In 1894, when the Peoria Art League was formed, Dora was an early supporter and member. She organized the West Bluff 19th Century Club and was its first president in 1898, and in 1923, she joined the Peoria Art Institute’s board of directors. All the while, she raised her children and pursued her artwork, never loosing her agile touch.

Mr. Peyraud and art class at Shady Beach, Peoria, 1898 Peoria Public Library Collection


To learn more about this artist, please go to her artist page on our website at http://iwa.bradley.edu/artists/DoraBourscheidt.


Theodosia Park Breed (Born 1896, Detroit, Michigan Died 1985, Freeport, Illinois)

Theodosia Breed Millicent, circa 1915 Oil on canvas, 38 in. x 30 in. Lent by Sylvia Vaterlaus

Theodosia and her husband Donald converted the space above the garage of the


family's Freeport, Illinois, home into a studio and had a bridge built over the driveway to link the studio to the house. Here her sitters would come to have their portraits painted. "She would often entertain them with accounts of her western trip in a Model T in 1917," recalls her daughter Sylvia. Or she would call Sylvia to the studio to read aloud to a sitter. "She felt that their faces would be more animated if they had some form of entertainment."1 Born in Detroit, Theodosia lived in Germany, Massachusetts, and Chicago, finally moving to Freeport after she married. She first studied at the Museum of Fine Arts in Boston, then the School of the Art Institute of Chicago and the Art Students League of New York, where she painted in the


mornings and afternoons, and danced (another passion of hers) during her lunch hour. As she raised her children in Freeport, where Donald was publisher of the newspaper, she continued painting, receiving portrait commissions from local residents. Sylvia remembers that she usually had a portrait in progress in her studio. In 1932, she visited her parents, living at the time in Hawaii. She had been commissioned by the University of Chicago to paint a portrait of her father, Robert Ezra Park, a noted sociologist. Today, the painting is part of the university's art collection. Many of her portraits still hang in homes in northern Illinois, visual memories passed from generation to generation. Her family keeps many of her paintings and travel


sketches in their homes. Sylvia, an artist herself, says, "When I look at some of her work I can see true elegance."2

Theodosia Breed Self-Portrait, n.d. Oil Breed Family Collection

To learn more about this artist, please go to her artist page on our website at http://iwa.bradley.edu/artists/TheodosiaBreed.


Clara Brian (Born 1875, Lawrence County, Illinois Died, 1970, Bloomington, Illinois)

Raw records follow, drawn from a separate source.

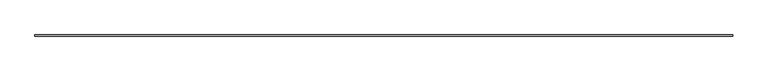
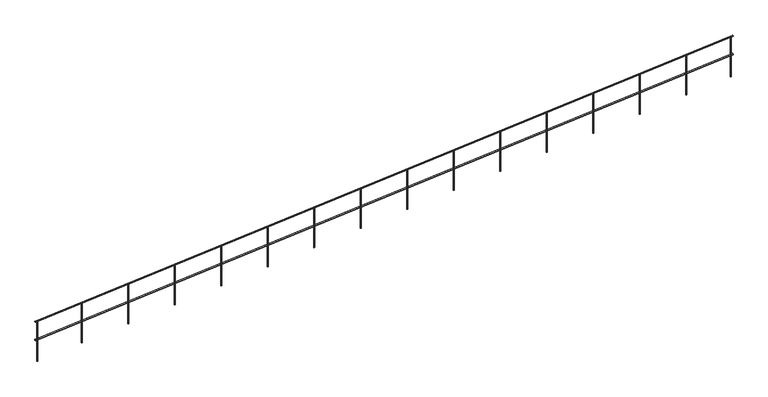
"""IFC4 building model written with IfcOpenShell, lengths in millimetres: railing geometry."""

from ifc_helpers import new_model, si_unit, frame, origin, place, context, project, spatial, ellipse_curve, source, transform, mapped, element, save
from ifc_brep_helpers import plane_surface, cylinder_surface, advanced_brep


def railing_0761552e(model_context):
    return source(origin(), model_context, "Body", "AdvancedBrep", [
        advanced_brep(
        [(42716.32048, 71467.0208589, -615.0519932), (42716.32048, 71437.0208589, -615.0519932), (60716.32048, 71467.0208589, 884.9480068), (60716.32048, 71437.0208589, 884.9480068)],
        [
            (0, 1, ellipse_curve(frame((42716.32048, 71452.0208589, -615.0519932), z_axis=(-1.0, 0.0, 0.0), x_axis=(0.0, 0.0, -0.9999999999999999)), 15.0519932, 15.0)),
            (1, 0, ellipse_curve(frame((42716.32048, 71452.0208589, -615.0519932), z_axis=(-1.0, 0.0, 0.0), x_axis=(0.0, 0.0, -0.9999999999999999)), 15.0519932, 15.0)),
            (2, 3, ellipse_curve(frame((60716.32048, 71452.0208589, 884.9480068), z_axis=(1.0, 0.0, 0.0), x_axis=(0.0, 0.0, -0.9999999999999999)), 15.0519932, 15.0)),
            (3, 2, ellipse_curve(frame((60716.32048, 71452.0208589, 884.9480068), z_axis=(1.0, 0.0, 0.0), x_axis=(0.0, 0.0, -0.9999999999999999)), 15.0519932, 15.0)),
            (0, 2),
            (3, 1),
        ],
        [
            plane_surface(frame((42716.32048, 71452.0208589, -600.0), z_axis=(-1.0, 0.0, 0.0), x_axis=(0.0, 1.0, 0.0))),
            plane_surface(frame((60716.32048, 71452.0208589, 900.0), z_axis=(1.0, 0.0, 0.0), x_axis=(0.0, 1.0, 0.0))),
            cylinder_surface(frame((42717.5661622, 71452.0208589, -614.9481864), z_axis=(-0.9965457582448797, 0.0, -0.08304547985373997), x_axis=(0.0, -1.0, 0.0)), 15.0),
        ],
        [
            (0, [[1, 2]]),
            (1, [[3, 4]]),
            (2, [[-1, 5, -4, 6]]),
            (2, [[-2, -6, -3, -5]]),
        ],
    ),
        advanced_brep(
        [(42716.32048, 71467.0208589, -115.0519932), (42716.32048, 71437.0208589, -115.0519932), (60716.32048, 71467.0208589, 1384.9480068), (60716.32048, 71437.0208589, 1384.9480068)],
        [
            (0, 1, ellipse_curve(frame((42716.32048, 71452.0208589, -115.0519932), z_axis=(-1.0, 0.0, 0.0), x_axis=(0.0, 0.0, -0.9999999999999999)), 15.0519932, 15.0)),
            (1, 0, ellipse_curve(frame((42716.32048, 71452.0208589, -115.0519932), z_axis=(-1.0, 0.0, 0.0), x_axis=(0.0, 0.0, -0.9999999999999999)), 15.0519932, 15.0)),
            (2, 3, ellipse_curve(frame((60716.32048, 71452.0208589, 1384.9480068), z_axis=(1.0, 0.0, 0.0), x_axis=(0.0, 0.0, -0.9999999999999999)), 15.0519932, 15.0)),
            (3, 2, ellipse_curve(frame((60716.32048, 71452.0208589, 1384.9480068), z_axis=(1.0, 0.0, 0.0), x_axis=(0.0, 0.0, -0.9999999999999999)), 15.0519932, 15.0)),
            (0, 2),
            (3, 1),
        ],
        [
            plane_surface(frame((42716.32048, 71452.0208589, -100.0), z_axis=(-1.0, 0.0, 0.0), x_axis=(0.0, 1.0, 0.0))),
            plane_surface(frame((60716.32048, 71452.0208589, 1400.0), z_axis=(1.0, 0.0, 0.0), x_axis=(0.0, 1.0, 0.0))),
            cylinder_surface(frame((42717.5661622, 71452.0208589, -114.9481864), z_axis=(-0.9965457582448797, 0.0, -0.08304547985373997), x_axis=(0.0, -1.0, 0.0)), 15.0),
        ],
        [
            (0, [[1, 2]]),
            (1, [[3, 4]]),
            (2, [[-1, 5, -4, 6]]),
            (2, [[-2, -6, -3, -5]]),
        ],
    ),
        advanced_brep(
        [(59516.32048, 71437.0208589, 1269.8960136), (59516.32048, 71437.0208589, 200.0), (59516.32048, 71467.0208589, 200.0), (59516.32048, 71467.0208589, 1269.8960136)],
        [
            (0, 1),
            (1, 2, ellipse_curve(frame((59516.32048, 71452.0208589, 200.0), z_axis=(-0.08304547985373996, 0.0, 0.9965457582448797), x_axis=(0.9965457582448798, 0.0, 0.08304547985373881)), 15.0519932, 15.0)),
            (2, 3),
            (3, 0, ellipse_curve(frame((59516.32048, 71452.0208589, 1269.8960136), z_axis=(0.083045479853741, 0.0, -0.9965457582448796), x_axis=(0.9965457582448797, 0.0, 0.08304547985374044)), 15.0519932, 15.0)),
            (0, 3, ellipse_curve(frame((59516.32048, 71452.0208589, 1269.8960136), z_axis=(0.083045479853741, 0.0, -0.9965457582448796), x_axis=(0.9965457582448797, 0.0, 0.08304547985374044)), 15.0519932, 15.0)),
            (2, 1, ellipse_curve(frame((59516.32048, 71452.0208589, 200.0), z_axis=(-0.08304547985373996, 0.0, 0.9965457582448797), x_axis=(0.9965457582448798, 0.0, 0.08304547985373881)), 15.0519932, 15.0)),
        ],
        [
            cylinder_surface(frame((59516.32048, 71452.0208589, 100.0), z_axis=(0.0, 0.0, 1.0), x_axis=(0.0, 1.0, 0.0)), 15.0),
            plane_surface(frame((59541.32048, 71477.0208589, 1271.9793469), z_axis=(-0.083045479853741, 0.0, 0.9965457582448796), x_axis=(0.0, -1.0, 0.0))),
            plane_surface(frame((59491.32048, 71477.0208589, 197.9166667), z_axis=(0.08304547985373996, 0.0, -0.9965457582448797), x_axis=(0.0, -1.0, 0.0))),
        ],
        [
            (0, [[1, 2, 3, 4]]),
            (0, [[-1, 5, -3, 6]]),
            (1, [[-4, -5]]),
            (2, [[-2, -6]]),
        ],
    ),
        advanced_brep(
        [(58316.32048, 71437.0208589, 1169.8960136), (58316.32048, 71437.0208589, 100.0), (58316.32048, 71467.0208589, 100.0), (58316.32048, 71467.0208589, 1169.8960136)],
        [
            (0, 1),
            (1, 2, ellipse_curve(frame((58316.32048, 71452.0208589, 100.0), z_axis=(-0.08304547985373996, 0.0, 0.9965457582448797), x_axis=(0.9965457582448798, 0.0, 0.08304547985373881)), 15.0519932, 15.0)),
            (2, 3),
            (3, 0, ellipse_curve(frame((58316.32048, 71452.0208589, 1169.8960136), z_axis=(0.083045479853741, 0.0, -0.9965457582448796), x_axis=(0.9965457582448797, 0.0, 0.08304547985374044)), 15.0519932, 15.0)),
            (0, 3, ellipse_curve(frame((58316.32048, 71452.0208589, 1169.8960136), z_axis=(0.083045479853741, 0.0, -0.9965457582448796), x_axis=(0.9965457582448797, 0.0, 0.08304547985374044)), 15.0519932, 15.0)),
            (2, 1, ellipse_curve(frame((58316.32048, 71452.0208589, 100.0), z_axis=(-0.08304547985373996, 0.0, 0.9965457582448797), x_axis=(0.9965457582448798, 0.0, 0.08304547985373881)), 15.0519932, 15.0)),
        ],
        [
            cylinder_surface(frame((58316.32048, 71452.0208589, 0.0), z_axis=(0.0, 0.0, 1.0), x_axis=(0.0, 1.0, 0.0)), 15.0),
            plane_surface(frame((58341.32048, 71477.0208589, 1171.9793469), z_axis=(-0.083045479853741, 0.0, 0.9965457582448796), x_axis=(0.0, -1.0, 0.0))),
            plane_surface(frame((58291.32048, 71477.0208589, 97.9166667), z_axis=(0.08304547985373996, 0.0, -0.9965457582448797), x_axis=(0.0, -1.0, 0.0))),
        ],
        [
            (0, [[1, 2, 3, 4]]),
            (0, [[-1, 5, -3, 6]]),
            (1, [[-4, -5]]),
            (2, [[-2, -6]]),
        ],
    ),
        advanced_brep(
        [(57116.32048, 71437.0208589, 1069.8960136), (57116.32048, 71437.0208589, 0.0), (57116.32048, 71467.0208589, 0.0), (57116.32048, 71467.0208589, 1069.8960136)],
        [
            (0, 1),
            (1, 2, ellipse_curve(frame((57116.32048, 71452.0208589, 0.0), z_axis=(-0.08304547985373996, 0.0, 0.9965457582448797), x_axis=(0.9965457582448798, 0.0, 0.08304547985373881)), 15.0519932, 15.0)),
            (2, 3),
            (3, 0, ellipse_curve(frame((57116.32048, 71452.0208589, 1069.8960136), z_axis=(0.083045479853741, 0.0, -0.9965457582448796), x_axis=(0.9965457582448797, 0.0, 0.08304547985374044)), 15.0519932, 15.0)),
            (0, 3, ellipse_curve(frame((57116.32048, 71452.0208589, 1069.8960136), z_axis=(0.083045479853741, 0.0, -0.9965457582448796), x_axis=(0.9965457582448797, 0.0, 0.08304547985374044)), 15.0519932, 15.0)),
            (2, 1, ellipse_curve(frame((57116.32048, 71452.0208589, 0.0), z_axis=(-0.08304547985373996, 0.0, 0.9965457582448797), x_axis=(0.9965457582448798, 0.0, 0.08304547985373881)), 15.0519932, 15.0)),
        ],
        [
            cylinder_surface(frame((57116.32048, 71452.0208589, -100.0), z_axis=(0.0, 0.0, 1.0), x_axis=(0.0, 1.0, 0.0)), 15.0),
            plane_surface(frame((57141.32048, 71477.0208589, 1071.9793469), z_axis=(-0.083045479853741, 0.0, 0.9965457582448796), x_axis=(0.0, -1.0, 0.0))),
            plane_surface(frame((57091.32048, 71477.0208589, -2.0833333), z_axis=(0.08304547985373996, 0.0, -0.9965457582448797), x_axis=(0.0, -1.0, 0.0))),
        ],
        [
            (0, [[1, 2, 3, 4]]),
            (0, [[-1, 5, -3, 6]]),
            (1, [[-4, -5]]),
            (2, [[-2, -6]]),
        ],
    ),
        advanced_brep(
        [(55916.32048, 71437.0208589, 969.8960136), (55916.32048, 71437.0208589, -100.0), (55916.32048, 71467.0208589, -100.0), (55916.32048, 71467.0208589, 969.8960136)],
        [
            (0, 1),
            (1, 2, ellipse_curve(frame((55916.32048, 71452.0208589, -100.0), z_axis=(-0.08304547985373996, 0.0, 0.9965457582448797), x_axis=(0.9965457582448798, 0.0, 0.08304547985373881)), 15.0519932, 15.0)),
            (2, 3),
            (3, 0, ellipse_curve(frame((55916.32048, 71452.0208589, 969.8960136), z_axis=(0.083045479853741, 0.0, -0.9965457582448796), x_axis=(0.9965457582448797, 0.0, 0.08304547985374044)), 15.0519932, 15.0)),
            (0, 3, ellipse_curve(frame((55916.32048, 71452.0208589, 969.8960136), z_axis=(0.083045479853741, 0.0, -0.9965457582448796), x_axis=(0.9965457582448797, 0.0, 0.08304547985374044)), 15.0519932, 15.0)),
            (2, 1, ellipse_curve(frame((55916.32048, 71452.0208589, -100.0), z_axis=(-0.08304547985373996, 0.0, 0.9965457582448797), x_axis=(0.9965457582448798, 0.0, 0.08304547985373881)), 15.0519932, 15.0)),
        ],
        [
            cylinder_surface(frame((55916.32048, 71452.0208589, -200.0), z_axis=(0.0, 0.0, 1.0), x_axis=(0.0, 1.0, 0.0)), 15.0),
            plane_surface(frame((55941.32048, 71477.0208589, 971.9793469), z_axis=(-0.083045479853741, 0.0, 0.9965457582448796), x_axis=(0.0, -1.0, 0.0))),
            plane_surface(frame((55891.32048, 71477.0208589, -102.0833333), z_axis=(0.08304547985373996, 0.0, -0.9965457582448797), x_axis=(0.0, -1.0, 0.0))),
        ],
        [
            (0, [[1, 2, 3, 4]]),
            (0, [[-1, 5, -3, 6]]),
            (1, [[-4, -5]]),
            (2, [[-2, -6]]),
        ],
    ),
        advanced_brep(
        [(54716.32048, 71437.0208589, 869.8960136), (54716.32048, 71437.0208589, -200.0), (54716.32048, 71467.0208589, -200.0), (54716.32048, 71467.0208589, 869.8960136)],
        [
            (0, 1),
            (1, 2, ellipse_curve(frame((54716.32048, 71452.0208589, -200.0), z_axis=(-0.08304547985373996, 0.0, 0.9965457582448797), x_axis=(0.9965457582448798, 0.0, 0.08304547985373881)), 15.0519932, 15.0)),
            (2, 3),
            (3, 0, ellipse_curve(frame((54716.32048, 71452.0208589, 869.8960136), z_axis=(0.083045479853741, 0.0, -0.9965457582448796), x_axis=(0.9965457582448797, 0.0, 0.08304547985374044)), 15.0519932, 15.0)),
            (0, 3, ellipse_curve(frame((54716.32048, 71452.0208589, 869.8960136), z_axis=(0.083045479853741, 0.0, -0.9965457582448796), x_axis=(0.9965457582448797, 0.0, 0.08304547985374044)), 15.0519932, 15.0)),
            (2, 1, ellipse_curve(frame((54716.32048, 71452.0208589, -200.0), z_axis=(-0.08304547985373996, 0.0, 0.9965457582448797), x_axis=(0.9965457582448798, 0.0, 0.08304547985373881)), 15.0519932, 15.0)),
        ],
        [
            cylinder_surface(frame((54716.32048, 71452.0208589, -300.0), z_axis=(0.0, 0.0, 1.0), x_axis=(0.0, 1.0, 0.0)), 15.0),
            plane_surface(frame((54741.32048, 71477.0208589, 871.9793469), z_axis=(-0.083045479853741, 0.0, 0.9965457582448796), x_axis=(0.0, -1.0, 0.0))),
            plane_surface(frame((54691.32048, 71477.0208589, -202.0833333), z_axis=(0.08304547985373996, 0.0, -0.9965457582448797), x_axis=(0.0, -1.0, 0.0))),
        ],
        [
            (0, [[1, 2, 3, 4]]),
            (0, [[-1, 5, -3, 6]]),
            (1, [[-4, -5]]),
            (2, [[-2, -6]]),
        ],
    ),
        advanced_brep(
        [(53516.32048, 71437.0208589, 769.8960136), (53516.32048, 71437.0208589, -300.0), (53516.32048, 71467.0208589, -300.0), (53516.32048, 71467.0208589, 769.8960136)],
        [
            (0, 1),
            (1, 2, ellipse_curve(frame((53516.32048, 71452.0208589, -300.0), z_axis=(-0.08304547985373996, 0.0, 0.9965457582448797), x_axis=(0.9965457582448798, 0.0, 0.08304547985373881)), 15.0519932, 15.0)),
            (2, 3),
            (3, 0, ellipse_curve(frame((53516.32048, 71452.0208589, 769.8960136), z_axis=(0.083045479853741, 0.0, -0.9965457582448796), x_axis=(0.9965457582448797, 0.0, 0.08304547985374044)), 15.0519932, 15.0)),
            (0, 3, ellipse_curve(frame((53516.32048, 71452.0208589, 769.8960136), z_axis=(0.083045479853741, 0.0, -0.9965457582448796), x_axis=(0.9965457582448797, 0.0, 0.08304547985374044)), 15.0519932, 15.0)),
            (2, 1, ellipse_curve(frame((53516.32048, 71452.0208589, -300.0), z_axis=(-0.08304547985373996, 0.0, 0.9965457582448797), x_axis=(0.9965457582448798, 0.0, 0.08304547985373881)), 15.0519932, 15.0)),
        ],
        [
            cylinder_surface(frame((53516.32048, 71452.0208589, -400.0), z_axis=(0.0, 0.0, 1.0), x_axis=(0.0, 1.0, 0.0)), 15.0),
            plane_surface(frame((53541.32048, 71477.0208589, 771.9793469), z_axis=(-0.083045479853741, 0.0, 0.9965457582448796), x_axis=(0.0, -1.0, 0.0))),
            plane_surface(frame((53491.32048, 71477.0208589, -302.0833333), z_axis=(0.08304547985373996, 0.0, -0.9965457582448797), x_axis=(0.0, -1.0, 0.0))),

Clara Brian Unit Meeting on Chickens, circa 1918 (women gathered to show off their prize layers) Emulsion on paper, 21 1/4 in. x 25 1/4 in. Image courtesy of the McLean County Museum of History


Clara Brian "These are why all the things we do are worthwhile." circa 1920 (chumming with their children) Emulsion on paper, 21 1/4 in. x 25 1/4 in. Image courtesy of the McLean County Museum of History

Clara Brian


Kitchen Sink Too Low, circa 1920 (demonstrating the need to improve kitchens, in this case for the sake of the woman bent over the sink) Emulsion on paper, 21 1/4 in. x 25 1/4 in. Image courtesy of the McLean County Museum of History

Clara Brian's nephew Fred remembers her as bright, sensitive, perceptive, rather plain in appearance, energetic, focused, and quite like other women in his family who chose career over marriage.1 Clara began her work life by operating a millinery shop with her sister Cora in their hometown of San Jose, Illinois, in the early 1900s. Later, she published the San Jose Journal, a four-page weekly newspaper. In 1910, she told the census taker that she was a photographer. Her mother had died in 1899 when her youngest sister Bernice was nine years old. Clara took over the care of


her family, postponing college until 1913, the year Bernice was planning her wedding. When she was 41, Clara graduated from Illinois Wesleyan University in Bloomington, with a degree in the new field of home economics, and moved to Kansas. She had been hired by Salina's Wesleyan University to develop and head the home economics department, which she did with success. She traveled to New York City during the summers to complete the masters program in nutrition and dietetics at Columbia University. In 1918, she returned to Bloomington to become the first Home Bureau adviser in Illinois. Her territory was McLean County, and her assignment was to bring new ideas about nutrition and child rearing, health, hy-


giene, education, and self-improvement to rural women. She did so by driving into the county to hold monthly unit meetings where she would demonstrate methods for, say, using new flours in bread making; and then she would tell her audience about the latest laundry equipment, advise them to fold some clothes directly from the line, advocate for running water in every home, including fruit and vegetables in their daily diets, and setting aside time for reading. 2 Wherever she went, Clara took her folding camera. It produced 3" x 4" negatives from which she made lantern slides to show at later meetings. Her photographs may appear candid, but according to Rhondal McKinney, photographer and professor emeritus at Illinois State University, "It is


always clear that this photographer is seeing her subjects in a broader context. ‌ She is involved in a sort of inquiry as well as a simple recording of fact. In fine documentary photography these matters are paramount."3 Her photographs are striking. Some are like paintings. All require lingering over. Clara would not claim to be an artist. Yet, as McKinney points out, "What she brought to her photography was feeling, intelligence, and an intuitive picture making aesthetic. She knew what every fine documentary artist comes to learn: proceed intuitively, follow blunt purpose."4 Clara's original prints are stored with her Home Bureau reports at the University of Illinois. In 1990, Rhondal McKinney


made enlarged prints from Clara's negatives. It is his prints that are shown here. To learn more about this artist, please go to her artist page on our website at http://iwa.bradley.edu/artists/ClaraBrian.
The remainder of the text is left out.